* **PROBLEM STATEMENT**: In the material below, some lines carry "ZIGZAG". Copy each such line.

* **DATA UNDER STUDY**:
########################################

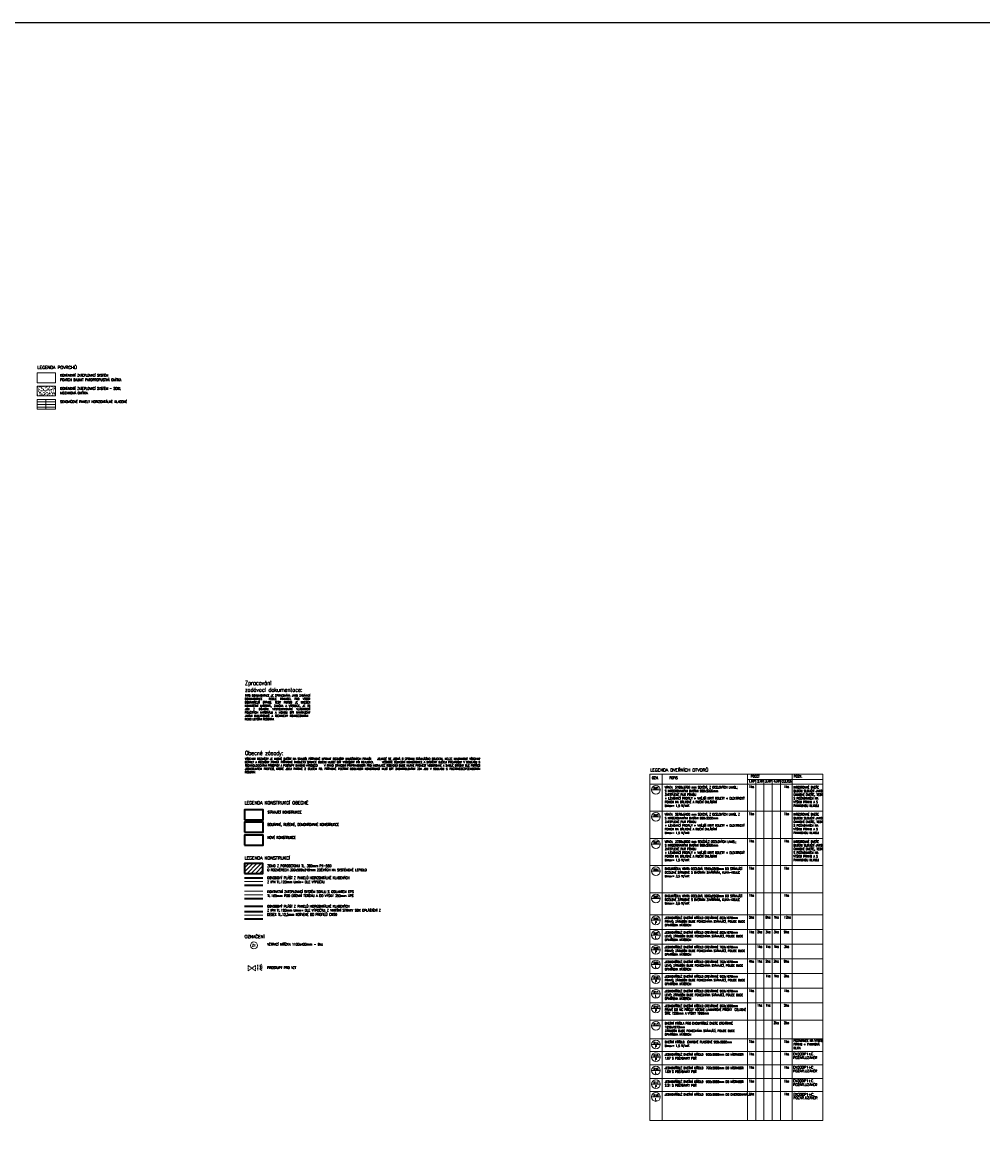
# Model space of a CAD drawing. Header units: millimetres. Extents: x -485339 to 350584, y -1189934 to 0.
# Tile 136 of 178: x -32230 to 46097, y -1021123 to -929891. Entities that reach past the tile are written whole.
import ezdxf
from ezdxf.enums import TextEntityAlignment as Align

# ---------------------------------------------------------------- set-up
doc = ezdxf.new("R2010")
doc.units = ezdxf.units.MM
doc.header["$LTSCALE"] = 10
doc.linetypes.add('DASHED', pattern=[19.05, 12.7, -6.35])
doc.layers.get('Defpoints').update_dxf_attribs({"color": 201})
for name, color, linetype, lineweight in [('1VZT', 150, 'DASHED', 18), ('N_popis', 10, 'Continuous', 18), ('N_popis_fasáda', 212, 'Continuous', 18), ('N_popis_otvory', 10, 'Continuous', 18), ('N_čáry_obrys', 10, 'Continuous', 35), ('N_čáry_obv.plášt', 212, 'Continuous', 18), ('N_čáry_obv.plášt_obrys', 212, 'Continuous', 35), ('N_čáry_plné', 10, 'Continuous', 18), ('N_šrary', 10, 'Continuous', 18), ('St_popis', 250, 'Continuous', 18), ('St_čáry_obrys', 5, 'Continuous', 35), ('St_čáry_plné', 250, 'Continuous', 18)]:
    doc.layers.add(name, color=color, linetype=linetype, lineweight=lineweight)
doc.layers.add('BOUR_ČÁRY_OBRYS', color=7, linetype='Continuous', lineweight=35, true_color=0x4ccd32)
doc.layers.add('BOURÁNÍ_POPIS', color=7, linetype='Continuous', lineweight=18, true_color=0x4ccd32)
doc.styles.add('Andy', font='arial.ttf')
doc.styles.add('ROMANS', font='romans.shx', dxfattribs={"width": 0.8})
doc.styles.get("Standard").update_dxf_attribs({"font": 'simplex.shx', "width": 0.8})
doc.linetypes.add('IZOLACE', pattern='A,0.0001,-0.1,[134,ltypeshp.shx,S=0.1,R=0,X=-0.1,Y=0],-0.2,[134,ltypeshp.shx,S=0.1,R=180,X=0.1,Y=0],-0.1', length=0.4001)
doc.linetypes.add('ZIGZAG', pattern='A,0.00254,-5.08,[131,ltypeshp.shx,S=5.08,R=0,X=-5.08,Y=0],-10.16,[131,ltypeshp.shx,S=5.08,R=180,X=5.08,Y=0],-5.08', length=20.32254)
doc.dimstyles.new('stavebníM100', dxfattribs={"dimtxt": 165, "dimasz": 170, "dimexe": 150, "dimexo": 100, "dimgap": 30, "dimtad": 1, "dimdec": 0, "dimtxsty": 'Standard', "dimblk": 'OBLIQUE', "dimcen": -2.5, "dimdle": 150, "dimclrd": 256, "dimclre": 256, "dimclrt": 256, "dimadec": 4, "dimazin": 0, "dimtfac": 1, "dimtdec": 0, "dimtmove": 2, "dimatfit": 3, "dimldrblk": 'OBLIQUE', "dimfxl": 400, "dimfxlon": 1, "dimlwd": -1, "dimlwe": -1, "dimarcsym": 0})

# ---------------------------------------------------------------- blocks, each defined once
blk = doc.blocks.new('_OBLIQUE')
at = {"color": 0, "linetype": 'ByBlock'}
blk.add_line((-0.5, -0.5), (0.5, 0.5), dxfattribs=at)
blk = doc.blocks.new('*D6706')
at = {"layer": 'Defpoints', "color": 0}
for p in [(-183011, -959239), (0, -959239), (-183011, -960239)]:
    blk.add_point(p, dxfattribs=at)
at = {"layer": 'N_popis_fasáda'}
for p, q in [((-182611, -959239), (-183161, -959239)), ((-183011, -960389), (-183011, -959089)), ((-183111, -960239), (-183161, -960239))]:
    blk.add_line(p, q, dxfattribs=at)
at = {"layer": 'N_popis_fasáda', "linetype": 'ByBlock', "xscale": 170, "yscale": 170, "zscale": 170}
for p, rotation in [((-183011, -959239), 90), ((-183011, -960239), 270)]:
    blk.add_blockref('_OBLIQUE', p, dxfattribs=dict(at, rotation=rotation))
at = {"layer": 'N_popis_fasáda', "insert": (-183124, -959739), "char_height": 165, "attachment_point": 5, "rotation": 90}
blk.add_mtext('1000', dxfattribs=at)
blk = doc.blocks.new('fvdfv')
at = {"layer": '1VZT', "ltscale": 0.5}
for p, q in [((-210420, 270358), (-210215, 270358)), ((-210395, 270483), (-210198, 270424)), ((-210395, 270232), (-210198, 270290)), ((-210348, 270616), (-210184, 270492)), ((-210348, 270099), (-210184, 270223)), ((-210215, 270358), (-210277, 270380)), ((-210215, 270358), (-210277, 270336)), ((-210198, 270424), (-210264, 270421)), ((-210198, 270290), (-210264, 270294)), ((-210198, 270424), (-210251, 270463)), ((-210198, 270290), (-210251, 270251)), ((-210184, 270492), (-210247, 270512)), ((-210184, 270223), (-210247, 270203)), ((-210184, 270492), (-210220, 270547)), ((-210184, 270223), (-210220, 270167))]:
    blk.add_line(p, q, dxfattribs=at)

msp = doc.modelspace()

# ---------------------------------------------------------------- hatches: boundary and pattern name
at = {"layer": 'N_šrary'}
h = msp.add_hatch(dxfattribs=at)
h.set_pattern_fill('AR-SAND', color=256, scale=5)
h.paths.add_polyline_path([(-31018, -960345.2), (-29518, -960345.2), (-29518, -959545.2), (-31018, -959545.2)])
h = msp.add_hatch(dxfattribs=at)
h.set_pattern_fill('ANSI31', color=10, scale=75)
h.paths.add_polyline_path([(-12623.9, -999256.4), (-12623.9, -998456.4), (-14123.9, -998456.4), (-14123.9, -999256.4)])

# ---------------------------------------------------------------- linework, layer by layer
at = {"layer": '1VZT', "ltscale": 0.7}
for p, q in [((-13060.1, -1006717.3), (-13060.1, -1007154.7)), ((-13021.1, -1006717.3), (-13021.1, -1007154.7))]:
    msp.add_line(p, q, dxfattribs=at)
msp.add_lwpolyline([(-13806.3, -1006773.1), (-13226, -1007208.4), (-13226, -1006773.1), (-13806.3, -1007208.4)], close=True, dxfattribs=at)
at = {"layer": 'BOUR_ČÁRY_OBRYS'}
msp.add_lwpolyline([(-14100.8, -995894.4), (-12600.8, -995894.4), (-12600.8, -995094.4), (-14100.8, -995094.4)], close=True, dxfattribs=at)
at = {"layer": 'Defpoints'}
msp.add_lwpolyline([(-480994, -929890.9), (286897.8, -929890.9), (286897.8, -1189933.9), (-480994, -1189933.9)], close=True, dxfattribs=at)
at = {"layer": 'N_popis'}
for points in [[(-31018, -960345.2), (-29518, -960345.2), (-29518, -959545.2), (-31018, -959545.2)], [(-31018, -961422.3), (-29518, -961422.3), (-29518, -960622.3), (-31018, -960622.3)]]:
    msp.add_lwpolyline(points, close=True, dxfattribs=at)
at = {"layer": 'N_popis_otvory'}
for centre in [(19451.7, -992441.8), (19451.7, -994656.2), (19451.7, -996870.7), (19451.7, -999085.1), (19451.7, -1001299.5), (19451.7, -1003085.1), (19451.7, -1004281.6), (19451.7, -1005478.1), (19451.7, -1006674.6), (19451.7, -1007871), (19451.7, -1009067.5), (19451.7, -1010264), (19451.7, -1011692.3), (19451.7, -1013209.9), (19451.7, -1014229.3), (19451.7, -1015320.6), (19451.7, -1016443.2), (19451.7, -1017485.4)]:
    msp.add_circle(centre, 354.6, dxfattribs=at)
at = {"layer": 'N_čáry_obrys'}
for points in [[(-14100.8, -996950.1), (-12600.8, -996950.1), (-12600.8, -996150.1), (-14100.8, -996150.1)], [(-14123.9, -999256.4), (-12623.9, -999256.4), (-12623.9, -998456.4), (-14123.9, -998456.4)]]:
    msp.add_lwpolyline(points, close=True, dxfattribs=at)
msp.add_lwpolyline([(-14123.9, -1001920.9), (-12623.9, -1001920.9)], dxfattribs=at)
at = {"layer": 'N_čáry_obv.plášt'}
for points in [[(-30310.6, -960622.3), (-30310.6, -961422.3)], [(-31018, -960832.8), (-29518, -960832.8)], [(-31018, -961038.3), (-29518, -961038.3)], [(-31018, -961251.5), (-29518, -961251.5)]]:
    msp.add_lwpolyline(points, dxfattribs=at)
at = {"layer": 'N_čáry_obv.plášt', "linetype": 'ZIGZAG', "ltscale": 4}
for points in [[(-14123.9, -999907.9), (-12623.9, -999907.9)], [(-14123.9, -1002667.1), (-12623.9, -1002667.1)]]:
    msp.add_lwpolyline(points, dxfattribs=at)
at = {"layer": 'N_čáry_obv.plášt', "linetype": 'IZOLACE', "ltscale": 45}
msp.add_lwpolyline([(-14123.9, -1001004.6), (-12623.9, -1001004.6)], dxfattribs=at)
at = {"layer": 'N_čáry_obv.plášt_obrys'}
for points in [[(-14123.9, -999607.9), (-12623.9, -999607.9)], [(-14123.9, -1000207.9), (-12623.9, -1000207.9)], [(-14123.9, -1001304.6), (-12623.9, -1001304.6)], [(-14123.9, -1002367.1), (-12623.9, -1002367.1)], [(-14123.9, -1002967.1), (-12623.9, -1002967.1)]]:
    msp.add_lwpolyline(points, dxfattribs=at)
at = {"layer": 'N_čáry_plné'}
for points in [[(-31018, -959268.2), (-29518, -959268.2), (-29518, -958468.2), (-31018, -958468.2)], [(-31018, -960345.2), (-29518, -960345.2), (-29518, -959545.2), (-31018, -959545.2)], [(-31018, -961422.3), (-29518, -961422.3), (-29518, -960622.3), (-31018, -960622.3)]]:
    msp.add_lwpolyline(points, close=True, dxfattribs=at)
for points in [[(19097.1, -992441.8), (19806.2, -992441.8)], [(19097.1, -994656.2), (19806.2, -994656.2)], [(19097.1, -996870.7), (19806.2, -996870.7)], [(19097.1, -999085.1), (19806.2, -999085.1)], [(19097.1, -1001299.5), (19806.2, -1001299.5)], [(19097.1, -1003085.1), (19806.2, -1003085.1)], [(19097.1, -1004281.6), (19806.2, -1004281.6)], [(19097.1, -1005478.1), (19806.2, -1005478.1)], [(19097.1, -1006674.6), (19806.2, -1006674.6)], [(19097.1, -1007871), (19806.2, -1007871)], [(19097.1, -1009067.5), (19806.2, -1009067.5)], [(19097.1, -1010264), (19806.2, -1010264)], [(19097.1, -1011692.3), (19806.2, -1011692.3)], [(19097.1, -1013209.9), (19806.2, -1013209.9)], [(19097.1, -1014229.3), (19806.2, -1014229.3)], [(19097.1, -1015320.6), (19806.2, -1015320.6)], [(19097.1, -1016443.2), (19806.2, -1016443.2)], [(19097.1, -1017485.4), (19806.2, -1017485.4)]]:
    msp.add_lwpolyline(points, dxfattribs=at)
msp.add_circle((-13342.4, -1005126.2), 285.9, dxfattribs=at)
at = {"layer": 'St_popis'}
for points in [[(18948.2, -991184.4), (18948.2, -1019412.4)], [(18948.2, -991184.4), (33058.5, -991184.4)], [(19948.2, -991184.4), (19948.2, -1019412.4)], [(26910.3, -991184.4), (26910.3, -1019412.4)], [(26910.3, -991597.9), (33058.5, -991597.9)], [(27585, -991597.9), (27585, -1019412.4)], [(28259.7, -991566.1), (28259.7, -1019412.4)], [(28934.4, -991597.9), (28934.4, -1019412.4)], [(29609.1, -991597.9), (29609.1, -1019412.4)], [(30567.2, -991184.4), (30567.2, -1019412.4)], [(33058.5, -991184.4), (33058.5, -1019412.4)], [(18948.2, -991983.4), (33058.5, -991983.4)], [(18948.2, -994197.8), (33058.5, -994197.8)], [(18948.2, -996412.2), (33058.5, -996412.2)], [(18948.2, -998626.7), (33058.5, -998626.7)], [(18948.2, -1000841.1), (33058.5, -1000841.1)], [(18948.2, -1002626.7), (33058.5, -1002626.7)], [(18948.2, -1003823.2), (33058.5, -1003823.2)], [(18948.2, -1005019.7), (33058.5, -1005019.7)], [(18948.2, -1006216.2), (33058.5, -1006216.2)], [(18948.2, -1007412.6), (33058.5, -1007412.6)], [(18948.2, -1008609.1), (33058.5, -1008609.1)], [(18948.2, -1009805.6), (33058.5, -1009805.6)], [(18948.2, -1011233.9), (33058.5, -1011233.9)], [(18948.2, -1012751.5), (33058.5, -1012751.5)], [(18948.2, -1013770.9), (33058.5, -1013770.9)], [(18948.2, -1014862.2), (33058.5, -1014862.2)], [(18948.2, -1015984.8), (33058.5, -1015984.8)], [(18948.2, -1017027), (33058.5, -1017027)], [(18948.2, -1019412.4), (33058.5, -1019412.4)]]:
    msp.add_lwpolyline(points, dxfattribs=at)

########################################

* **TASK SOLUTION**:
doc.linetypes.add('ZIGZAG', pattern='A,0.00254,-5.08,[131,ltypeshp.shx,S=5.08,R=0,X=-5.08,Y=0],-10.16,[131,ltypeshp.shx,S=5.08,R=180,X=5.08,Y=0],-5.08', length=20.32254)
at = {"layer": 'N_čáry_obv.plášt', "linetype": 'ZIGZAG', "ltscale": 4}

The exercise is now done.